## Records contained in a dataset

-- Opening Marker --

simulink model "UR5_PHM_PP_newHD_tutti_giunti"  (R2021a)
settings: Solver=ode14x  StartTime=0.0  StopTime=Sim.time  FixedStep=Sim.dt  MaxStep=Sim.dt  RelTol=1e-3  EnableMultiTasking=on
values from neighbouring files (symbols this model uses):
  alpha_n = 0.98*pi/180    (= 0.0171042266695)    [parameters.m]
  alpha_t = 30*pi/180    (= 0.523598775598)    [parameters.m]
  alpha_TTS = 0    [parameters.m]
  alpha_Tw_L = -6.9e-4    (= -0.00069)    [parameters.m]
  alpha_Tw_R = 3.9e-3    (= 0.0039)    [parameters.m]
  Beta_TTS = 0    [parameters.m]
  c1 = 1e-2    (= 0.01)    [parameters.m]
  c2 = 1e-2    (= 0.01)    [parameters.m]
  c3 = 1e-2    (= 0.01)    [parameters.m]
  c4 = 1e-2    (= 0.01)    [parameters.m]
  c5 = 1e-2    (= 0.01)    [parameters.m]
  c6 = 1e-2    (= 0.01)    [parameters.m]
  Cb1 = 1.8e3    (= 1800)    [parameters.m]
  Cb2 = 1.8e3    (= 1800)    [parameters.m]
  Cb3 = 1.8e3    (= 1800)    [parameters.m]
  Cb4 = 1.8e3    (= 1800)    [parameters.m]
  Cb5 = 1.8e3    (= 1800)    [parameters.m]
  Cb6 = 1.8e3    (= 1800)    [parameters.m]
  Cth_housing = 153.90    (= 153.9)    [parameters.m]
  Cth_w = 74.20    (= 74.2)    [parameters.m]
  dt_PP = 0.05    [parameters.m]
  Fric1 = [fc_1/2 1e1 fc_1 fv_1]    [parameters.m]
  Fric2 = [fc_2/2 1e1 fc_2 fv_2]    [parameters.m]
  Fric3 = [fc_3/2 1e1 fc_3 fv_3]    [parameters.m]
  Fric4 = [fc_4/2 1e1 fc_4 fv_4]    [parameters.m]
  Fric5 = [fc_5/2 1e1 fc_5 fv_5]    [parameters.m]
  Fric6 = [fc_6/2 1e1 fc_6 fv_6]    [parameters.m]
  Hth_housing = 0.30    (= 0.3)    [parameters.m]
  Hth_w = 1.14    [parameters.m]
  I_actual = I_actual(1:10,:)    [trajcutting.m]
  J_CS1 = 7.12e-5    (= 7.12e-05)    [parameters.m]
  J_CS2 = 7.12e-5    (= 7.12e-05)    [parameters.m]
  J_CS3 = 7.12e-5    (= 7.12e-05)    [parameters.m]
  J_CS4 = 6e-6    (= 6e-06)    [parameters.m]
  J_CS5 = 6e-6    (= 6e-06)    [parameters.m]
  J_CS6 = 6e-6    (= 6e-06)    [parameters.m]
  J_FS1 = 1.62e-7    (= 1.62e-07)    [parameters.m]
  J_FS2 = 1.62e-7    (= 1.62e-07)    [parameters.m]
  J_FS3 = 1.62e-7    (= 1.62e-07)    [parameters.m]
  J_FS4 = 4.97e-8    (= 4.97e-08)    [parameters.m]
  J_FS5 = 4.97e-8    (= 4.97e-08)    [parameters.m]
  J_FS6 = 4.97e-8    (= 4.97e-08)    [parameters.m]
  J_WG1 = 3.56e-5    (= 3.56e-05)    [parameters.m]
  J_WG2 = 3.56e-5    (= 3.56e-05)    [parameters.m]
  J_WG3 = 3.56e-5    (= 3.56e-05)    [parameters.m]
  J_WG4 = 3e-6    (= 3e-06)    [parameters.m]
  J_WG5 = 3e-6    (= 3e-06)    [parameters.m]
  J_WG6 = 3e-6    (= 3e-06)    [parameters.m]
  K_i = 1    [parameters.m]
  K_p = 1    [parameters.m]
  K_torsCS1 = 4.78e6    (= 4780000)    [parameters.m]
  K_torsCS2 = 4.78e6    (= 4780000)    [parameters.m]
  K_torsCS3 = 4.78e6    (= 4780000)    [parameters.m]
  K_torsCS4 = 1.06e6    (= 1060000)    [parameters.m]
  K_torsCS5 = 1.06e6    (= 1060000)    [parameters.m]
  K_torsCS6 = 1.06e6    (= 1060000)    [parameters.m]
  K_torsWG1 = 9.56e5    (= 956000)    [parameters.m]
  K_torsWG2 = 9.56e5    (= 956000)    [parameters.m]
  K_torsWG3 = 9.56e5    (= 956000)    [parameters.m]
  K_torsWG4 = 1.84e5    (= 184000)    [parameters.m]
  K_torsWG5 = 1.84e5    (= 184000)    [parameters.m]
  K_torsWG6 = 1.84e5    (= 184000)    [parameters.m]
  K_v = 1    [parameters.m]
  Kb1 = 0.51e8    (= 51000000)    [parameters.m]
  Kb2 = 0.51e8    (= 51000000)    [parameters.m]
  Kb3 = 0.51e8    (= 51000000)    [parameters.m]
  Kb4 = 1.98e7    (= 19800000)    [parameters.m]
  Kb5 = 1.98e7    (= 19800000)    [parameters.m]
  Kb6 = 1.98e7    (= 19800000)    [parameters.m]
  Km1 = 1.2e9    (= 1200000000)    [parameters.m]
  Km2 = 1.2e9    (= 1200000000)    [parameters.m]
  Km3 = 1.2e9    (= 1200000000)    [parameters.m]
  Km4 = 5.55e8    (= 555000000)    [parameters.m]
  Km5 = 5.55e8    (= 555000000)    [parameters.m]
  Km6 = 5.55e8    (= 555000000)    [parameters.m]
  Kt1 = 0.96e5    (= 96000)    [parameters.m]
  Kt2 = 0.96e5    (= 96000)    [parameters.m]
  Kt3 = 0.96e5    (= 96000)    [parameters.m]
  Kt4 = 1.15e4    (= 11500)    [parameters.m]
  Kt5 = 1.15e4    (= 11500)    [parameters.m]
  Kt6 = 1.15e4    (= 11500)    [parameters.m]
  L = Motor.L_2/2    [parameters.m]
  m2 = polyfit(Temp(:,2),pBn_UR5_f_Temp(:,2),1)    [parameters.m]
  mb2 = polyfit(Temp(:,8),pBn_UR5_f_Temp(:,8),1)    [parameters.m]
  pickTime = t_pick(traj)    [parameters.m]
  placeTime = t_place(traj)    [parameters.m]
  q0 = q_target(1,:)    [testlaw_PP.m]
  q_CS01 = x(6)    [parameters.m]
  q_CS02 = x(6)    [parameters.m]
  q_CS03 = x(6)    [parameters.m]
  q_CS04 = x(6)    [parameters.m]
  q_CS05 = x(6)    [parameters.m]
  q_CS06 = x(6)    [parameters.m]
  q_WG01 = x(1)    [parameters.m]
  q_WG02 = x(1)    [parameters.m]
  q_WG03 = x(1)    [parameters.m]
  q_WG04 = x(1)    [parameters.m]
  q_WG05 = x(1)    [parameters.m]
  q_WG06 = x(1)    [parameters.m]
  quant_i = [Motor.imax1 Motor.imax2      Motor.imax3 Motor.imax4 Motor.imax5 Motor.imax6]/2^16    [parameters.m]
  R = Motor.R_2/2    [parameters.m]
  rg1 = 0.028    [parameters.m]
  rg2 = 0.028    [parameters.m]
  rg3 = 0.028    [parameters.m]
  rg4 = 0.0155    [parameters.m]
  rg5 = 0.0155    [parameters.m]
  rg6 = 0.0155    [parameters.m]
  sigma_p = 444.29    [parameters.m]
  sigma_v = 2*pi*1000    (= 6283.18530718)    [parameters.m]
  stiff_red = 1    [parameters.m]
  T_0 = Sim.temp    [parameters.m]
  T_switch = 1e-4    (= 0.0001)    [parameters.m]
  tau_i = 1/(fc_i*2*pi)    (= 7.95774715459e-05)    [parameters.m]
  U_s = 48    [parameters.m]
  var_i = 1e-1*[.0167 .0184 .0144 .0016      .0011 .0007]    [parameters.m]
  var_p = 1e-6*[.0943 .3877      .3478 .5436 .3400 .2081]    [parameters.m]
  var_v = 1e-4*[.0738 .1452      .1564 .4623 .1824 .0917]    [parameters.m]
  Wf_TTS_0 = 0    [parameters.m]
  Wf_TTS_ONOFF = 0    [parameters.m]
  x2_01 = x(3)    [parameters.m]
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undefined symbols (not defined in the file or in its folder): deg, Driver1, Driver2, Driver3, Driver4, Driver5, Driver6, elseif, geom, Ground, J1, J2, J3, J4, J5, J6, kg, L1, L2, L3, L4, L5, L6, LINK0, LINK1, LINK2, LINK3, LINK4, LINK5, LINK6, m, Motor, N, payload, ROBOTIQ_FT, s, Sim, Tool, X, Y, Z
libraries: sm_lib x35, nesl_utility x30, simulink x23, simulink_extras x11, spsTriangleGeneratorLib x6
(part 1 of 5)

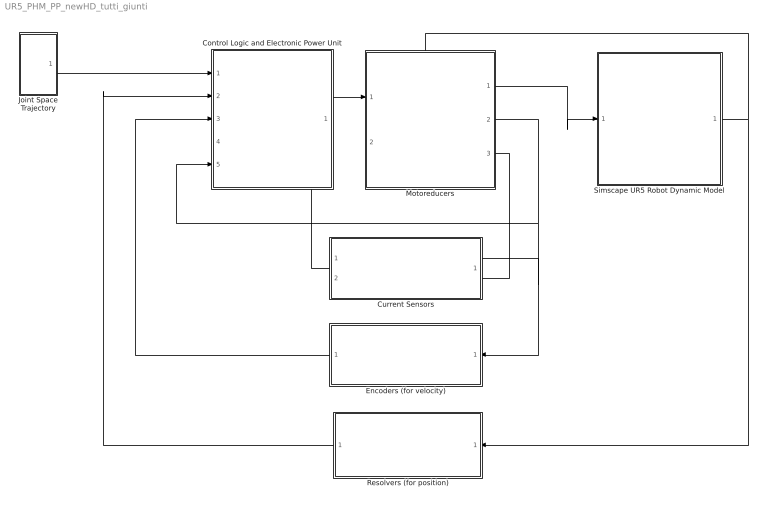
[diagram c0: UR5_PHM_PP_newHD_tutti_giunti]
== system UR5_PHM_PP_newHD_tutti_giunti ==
  Control Logic and Electronic Power Unit : Subsystem
  Current Sensors : Subsystem
  Encoders (for velocity) : Subsystem
  Joint Space Trajectory : Subsystem
  Motoreducers : Subsystem
  Resolvers (for position) : Subsystem
  Simscape UR5 Robot Dynamic Model : Subsystem
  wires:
  Resolvers (for position)/1(qFB) -> Control Logic and Electronic Power Unit/2(qFB)
  Control Logic and Electronic Power Unit/1(Vset) -> Motoreducers/1(Vset)
  Simscape UR5 Robot Dynamic Model/1(q,qd,qdd) -> Motoreducers/2(q,qd,qdd), Resolvers (for position)/1(q,qd,qdd)
  Motoreducers/1(Tu) -> Simscape UR5 Robot Dynamic Model/1(Tu)
  Joint Space Trajectory/1(qset) -> Control Logic and Electronic Power Unit/1(qset)
  Motoreducers/2(qm,qdm,qddm) -> Control Logic and Electronic Power Unit/5(qm,qdm,qddm), Current Sensors/1(qm,qdm,qddm), Encoders (for velocity)/1(qm,qdm,qddm)
  Encoders (for velocity)/1(qdmFB) -> Control Logic and Electronic Power Unit/3(qdmFB)
  Current Sensors/1(iFB) -> Control Logic and Electronic Power Unit/4(iFB)
  Motoreducers/3(i) -> Current Sensors/2(i)

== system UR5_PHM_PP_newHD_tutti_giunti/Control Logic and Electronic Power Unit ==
  qset : Inport
  qFB : Inport  Port=2
  qdmFB : Inport  Port=3
  iFB : Inport  Port=4
  qm,qdm,qddm : Inport  Port=5
  Demux{,1..3} (4 alike) : Demux  Outputs=6
  Mux : Mux  Inputs=6
  Subsystem : Subsystem
  Subsystem1 : Subsystem
  Vset : Outport
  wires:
  Demux/1 -> Subsystem/1(q1set)
  Demux/4 -> Subsystem/4(q4set)
  Demux/3 -> Subsystem/3(q3set)
  Demux1/1 -> Subsystem/7(q1FB)
  Demux/5 -> Subsystem/5(q5set)
  Demux1/2 -> Subsystem/8(q2FB)
  Demux/2 -> Subsystem/2(q2set)
  Demux/6 -> Subsystem/6(q6set)
  Demux1/3 -> Subsystem/9(q3FB)
  Demux1/5 -> Subsystem/11(q5FB)
  Demux1/6 -> Subsystem/12(q6FB)
  Subsystem/4(Vset4) -> Mux/4
  Demux1/4 -> Subsystem/10(q4FB)
  Subsystem/2(Vset2) -> Mux/2
  Subsystem/1(Vset1) -> Mux/1
  Subsystem/5(Vset5) -> Mux/5
  Subsystem/6(Vset6) -> Mux/6
  Subsystem/3(Vset3) -> Mux/3
  qFB/1 -> Demux1/1
  Mux/1 -> Vset/1
  qset/1 -> Demux/1
  Demux3/2 -> Subsystem/14(qdm2FB)
  Demux3/6 -> Subsystem/18(qdm6FB)
  Demux3/5 -> Subsystem/17(qdm5FB)
  Demux3/4 -> Subsystem/16(qdm4FB)
  Demux3/3 -> Subsystem/15(qdm3FB)
  Demux3/1 -> Subsystem/13(qdm1FB)
  qdmFB/1 -> Demux3/1
  qm,qdm,qddm/1 -> Subsystem1/1(qm,qdm,qddm)
  Subsystem1/1(qm2) -> Subsystem/25(qm2)
  Demux2/3 -> Subsystem/21(i3FB)
  Demux2/4 -> Subsystem/22(i4FB)
  Demux2/5 -> Subsystem/23(i5FB)
  Demux2/6 -> Subsystem/24(i6FB)
  Demux2/2 -> Subsystem/20(i2FB [dq0])
  Demux2/1 -> Subsystem/19(i1FB)
  iFB/1 -> Demux2/1

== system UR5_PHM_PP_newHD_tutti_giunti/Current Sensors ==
  qm,qdm,qddm : Inport
  i : Inport  Port=2
  Demux : Demux  Outputs=6
  Mux : Mux  Inputs=6
  Subsystem : Subsystem
  Subsystem1 : Subsystem
  iFB : Outport
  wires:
  Demux/1 -> Subsystem/1(i1)
  Demux/2 -> Subsystem/2(i2 [a,b,c])
  Demux/3 -> Subsystem/3(i3)
  Demux/4 -> Subsystem/4(i4)
  Demux/5 -> Subsystem/5(i5)
  Demux/6 -> Subsystem/6(i6)
  qm,qdm,qddm/1 -> Subsystem1/1(qm,qdm,qddm)
  Subsystem1/1(qm2) -> Subsystem/7(qm2)
  i/1 -> Demux/1
  Subsystem/1(i1FB) -> Mux/1
  Subsystem/2(i2FB) -> Mux/2
  Subsystem/3(i3FB) -> Mux/3
  Subsystem/4(i4FB) -> Mux/4
  Subsystem/5(i5FB) -> Mux/5
  Subsystem/6(i6FB) -> Mux/6
  Mux/1 -> iFB/1

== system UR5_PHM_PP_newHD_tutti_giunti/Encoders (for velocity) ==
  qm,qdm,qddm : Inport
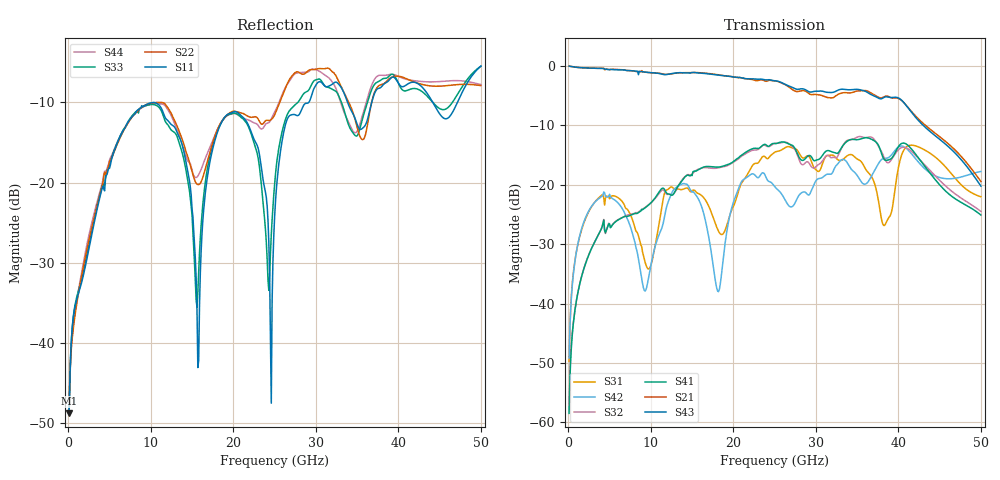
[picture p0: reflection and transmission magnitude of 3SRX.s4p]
! DAC39RF10ACK
! 256-pin FCBGA package
! Texas Instruments 8/20/2022
! Single-ended  S-parameters
! PORT#  PORT_NAME  NET_NAME
! PORT1:  xSRXN.DIEBUMP  xSRXN
! PORT2:  xSRXN.BGA  xSRXN
! PORT3:  xSRXP.DIEBUMP  xSRXP
! PORT4:  xSRXP.BGA  xSRXP
! Touchstone Ver. 1.0
! Number of ports is 4
# Hz	S	MA	R	50.000000
! SCATTERING PARAMETERS  :
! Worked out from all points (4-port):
!   500 points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, 100 MHz to 50 GHz, reference 50 ohm
!   strongest paths, dB at 100 MHz, 12.6 GHz, 25.1 GHz, 37.6 GHz, 50 GHz:
!     S43: 0.0, -1.3, -2.5, -5.4, -20.2
!     S21: 0.0, -1.3, -2.5, -5.3, -19.5
!     S41: -58.5, -21.8, -13.1, -13.4, -25.1
!     S32: -56.9, -21.7, -13.0, -13.5, -24.5
!     S42: -49.2, -21.2, -20.5, -16.4, -17.8
!     S31: -49.7, -20.4, -14.5, -22.8, -22.0
!   lowest |S11| = -48.7 dB at 100 MHz (marker M1), VSWR 1.01, Z = 50.3 + j0.186 ohm
!   |S11| at or under -10 dB: start of sweep to 10.29 GHz; 10.32 GHz to 29.13 GHz (18.8 GHz wide, 95.3 % of centre); 44.18 GHz to 47.16 GHz (2.98 GHz wide, 6.52 % of centre)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
1e8  0.003659 30.4  0.9887 -2.3  0.003155 84.7  0.001379 -99.9
     0.9965 -2.1  0.00429 24.6  0.001172 -98.1  0.003201 84.4
     0.00326 84.5  0.001421 -103.7  0.003671 30.4  0.9958 -2.3
     0.00119 -98.2  0.003483 74.6  0.9965 -2.2  0.003668 26.0
8.9e9  0.3019 -69.6  0.8937 -170.7  0.02907 -121.2  0.061 90.7
       0.9142 -170.0  0.2958 -94.6  0.06103 89.2  0.01604 -123.0
       0.03006 -122.6  0.06156 89.5  0.295 -71.3  0.8913 -172.2
       0.06224 92.1  0.0161 -125.0  0.8958 -172.3  0.2929 -96.5
1.57e10  0.007051 117.7  0.8784 62.1  0.08525 -43.5  0.1338 -32.5
         0.8798 62.3  0.09735 -130.0  0.1336 -34.7  0.07645 -8.3
         0.08464 -43.2  0.1346 -34.8  0.02078 33.5  0.8766 59.5
         0.133 -32.0  0.07733 -7.4  0.874 59.3  0.1101 -123.4
1.84e10  0.2282 -70.8  0.8356 8.7  0.03827 -159.2  0.1409 -88.4
         0.8382 8.7  0.2323 -102.4  0.139 -90.3  0.01447 64.4
         0.03871 -158.6  0.1398 -90.3  0.2296 -71.2  0.8381 6.1
         0.1415 -88.2  0.01426 57.3  0.8344 6.2  0.2323 -106.5
2.46e10  0.00423 -0.0  0.7537 -111.2  0.178 -47.0  0.2185 143.7
         0.7554 -110.9  0.2475 -113.0  0.2165 141.2  0.1048 -28.9
         0.1781 -46.9  0.2147 141.1  0.04733 14.6  0.7628 -115.0
         0.219 143.8  0.1044 -29.5  0.7606 -115.4  0.2496 -108.6
2.68e10  0.2613 -61.5  0.6611 -158.0  0.2094 -132.7  0.2191 87.1
         0.6598 -157.8  0.4399 -112.0  0.219 81.2  0.06678 -117.6
         0.2088 -133.2  0.2198 80.7  0.2809 -54.1  0.6745 -160.3
         0.2198 86.7  0.06585 -118.0  0.6761 -160.2  0.4296 -113.1
5e10  0.5323 -100.9  0.1099 137.4  0.0723 170.3  0.05916 11.6
      0.1065 136.1  0.403 -167.0  0.05559 7.0  0.133 25.1
      0.07917 173.3  0.05972 8.5  0.532 -105.9  0.09871 120.8
      0.05562 11.6  0.1294 28.6  0.0975 124.5  0.409 -169.9

-- Closing Marker --

## What the task asks
Find and copy each line above that includes the string "polyfit".

## Result of this exercise
  m2 = polyfit(Temp(:,2),pBn_UR5_f_Temp(:,2),1)    [parameters.m]
  mb2 = polyfit(Temp(:,8),pBn_UR5_f_Temp(:,8),1)    [parameters.m]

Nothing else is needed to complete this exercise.